Saturday, August 30, 2014

Cordell Practice Dives

Rockfish at Eric's Pinnacle
Photo by Clinton Bauder
 We were scheduled to dive on Saturday on a tech boat, but the forecast was looking pretty terrible as we approached the weekend.  So, with the high likelihood that we were going to end up diving in the bay, we decided to convert the boat to a practice dive for Cordell instead.  For this year's trip to Cordell, we are planning to set the stage to start a multi-year transect-based photographic survey of a site.  So, that requires setting up permanent markers (for which we were thinking of using lead fishing balls) to leave there to re-locate the site in future years, then running transect lines between the markers, and then running along the lines with a scale stick, and taking meter-sized pictures along the line.  So, obviously, a practice session (or three) was in order.

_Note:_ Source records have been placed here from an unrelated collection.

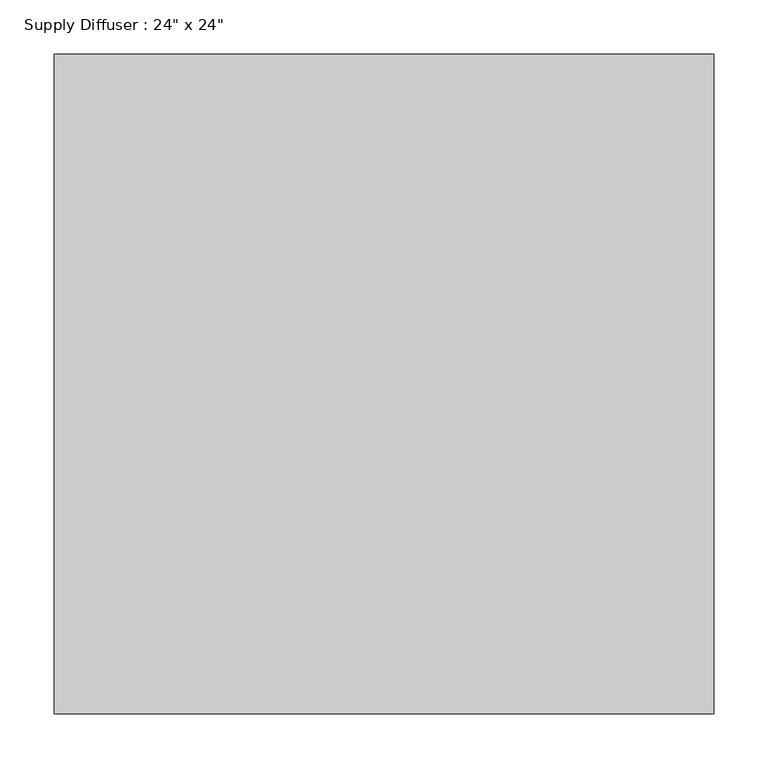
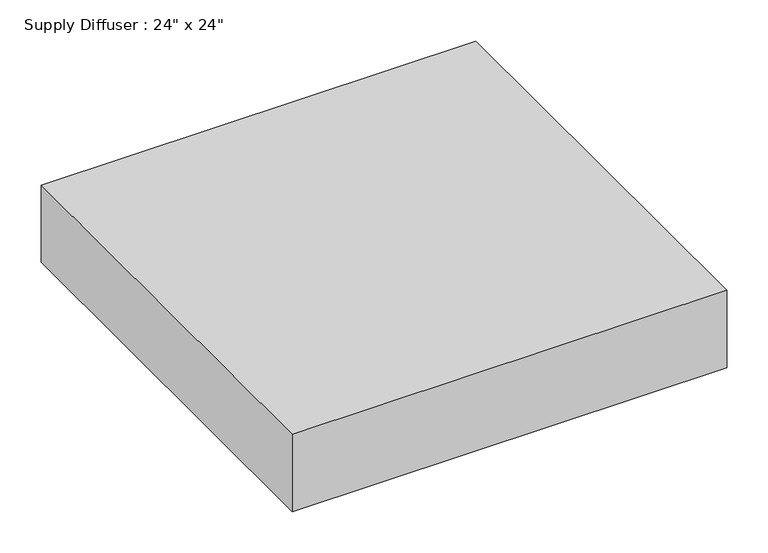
"""IFC4 building model written with IfcOpenShell, lengths in millimetres: proxy geometry."""

from ifc_helpers import new_model, si_unit, frame, origin, place, context, project, spatial, polyline, outline, extrude, source, transform, mapped, element, save


def proxy_f1a204da(model_context):
    return source(origin(), model_context, "Body", "SweptSolid", [
        extrude(outline(polyline([(304.8, -304.8), (-304.8, -304.8), (-304.8, 304.8), (304.8, 304.8), (304.8, -304.8)])), frame((0.0, 0.0, 2438.4), z_axis=(0.0, 0.0, 1.0), x_axis=(1.0, 0.0, 0.0)), (0.0, 0.0, 1.0), 114.3),
    ])


if __name__ == "__main__":
    model = new_model("IFC4")
    model_context = context("Model", 3, world=origin())
    ifc_project = project(units=[si_unit("LENGTHUNIT", "METRE", prefix="MILLI")], contexts=[model_context])
    site = spatial("IfcSite", under=ifc_project)
    building = spatial("IfcBuilding", under=site)
    placement = place(None, origin())
    proxy_shape = proxy_f1a204da(model_context)
    element("IfcBuildingElementProxy", 1, Name="Supply Diffuser : 24\" x 24\"", ObjectType="Supply Diffuser : 24\" x 24\"", at=placement, inside=building, context=model_context, shape_type="MappedRepresentation", body=[
        mapped(proxy_shape, transform((0.0, 0.0, 0.0), x_axis=(1.0, 0.0, 0.0), y_axis=(0.0, 1.0, 0.0), z_axis=(0.0, 0.0, 1.0))),
    ])
    save(model, "model.ifc")

Me with a scale stick thingy
Photo by Clinton Bauder
We were originally discussing doing this at Kawika's, but decided that we wanted more topography, since that would be trickier and more realistic for the site we had in mind at Cordell (or actually the site that the Sanctuary people had it in mind).  So we eventually settled on Aumentos, as the best site in terms of topography, which was also diveable in the day's conditions (which were not good).  We came  up with the plan for the dive, which not too surprisingly, was insanely complicated and seemed unlikely to actually be pulled off once we were underwater.  The boat dropped the balls on two different lines, so we would descend one line and find the second one, then scout the site and move the balls into a triangular formation, run transect lines, and take some sample photos.  Then at the end, we'd move the balls back, clip them back to the lines, and the boat crew would pull them after we surfaced.  We did not have our full complement of lift bags yet, just one to share.  So we had to serialize the ball moving, which clearly would not be ideal for the real project.  But we took turns so that everyone got a try with various skills.  Rob and Clinton were taking pictures, and I got a little bit of video.  I was also manning a scale stick, and was paired up with Rob for one pass over the transect lines with him taking photos.

Matt and Rob moving a transect anchor
Photo by Clinton Bauder
The viz was really really good for the site, which definitely made things easier.  Finding the second line with the extra balls was trivial, and we could see the down line from the spot that we picked for the transect.  So basically everyone could see everyone throughout the whole dive, which made it quite easy to coordinate everything.  I mostly just watched in the beginning, while others were placing balls, and took a little video.  Then I escorted Rob while he moved one of the balls, and then once the first transect line was laid, we swam along the transect line and I held the scale stick along the line.  It was kind of difficult to figure out how exactly to orient the scale stick along the line, so one takeaway was that a quadrat would probably work better.  We also do a bit of video along the transect line, just to see how that worked.  After several passes over the lines, with both Rob and Clinton taking pictures, we cleaned things up, moved the balls back over to the downlines, clipped everything off, and started our ascent.  While we were on the line, we saw a bat ray swim by!  It's been a really long time since I've seen a bat ray around here, so that was pretty cool.

John and Matt setting up transect tape
Photo by Clinton Bauder
We finished up the first dive pretty quickly, and since the viz was so awesome, we decided to do a second dive, and went to Eric's Pinnacle.  Rob didn't dive for some reason -- I think he got wet on the first dive, but he also likes to claim he's never dived Eric's Pinnacle (even though that's not exactly true).  So it was just me and Kevin in my team for dive two.  On the way down the line, my ears were not cooperating.  I couldn't seem to get below 30 feet, but eventually I just swam over to the pinnacle at 30 feet, and hung out there for a bit, until my ears very slowly allowed me to go deeper.  Eventually we did make it to the bottom.  We circumnavigated the pinnacle and then worked our way up.  The viz was excellent, and we saw the usual assortment of Eric's critters.  There was a nice-sized school of rockfish hanging around by the pinnacle.  I eventually called the dive because my ears were continuing to bother me.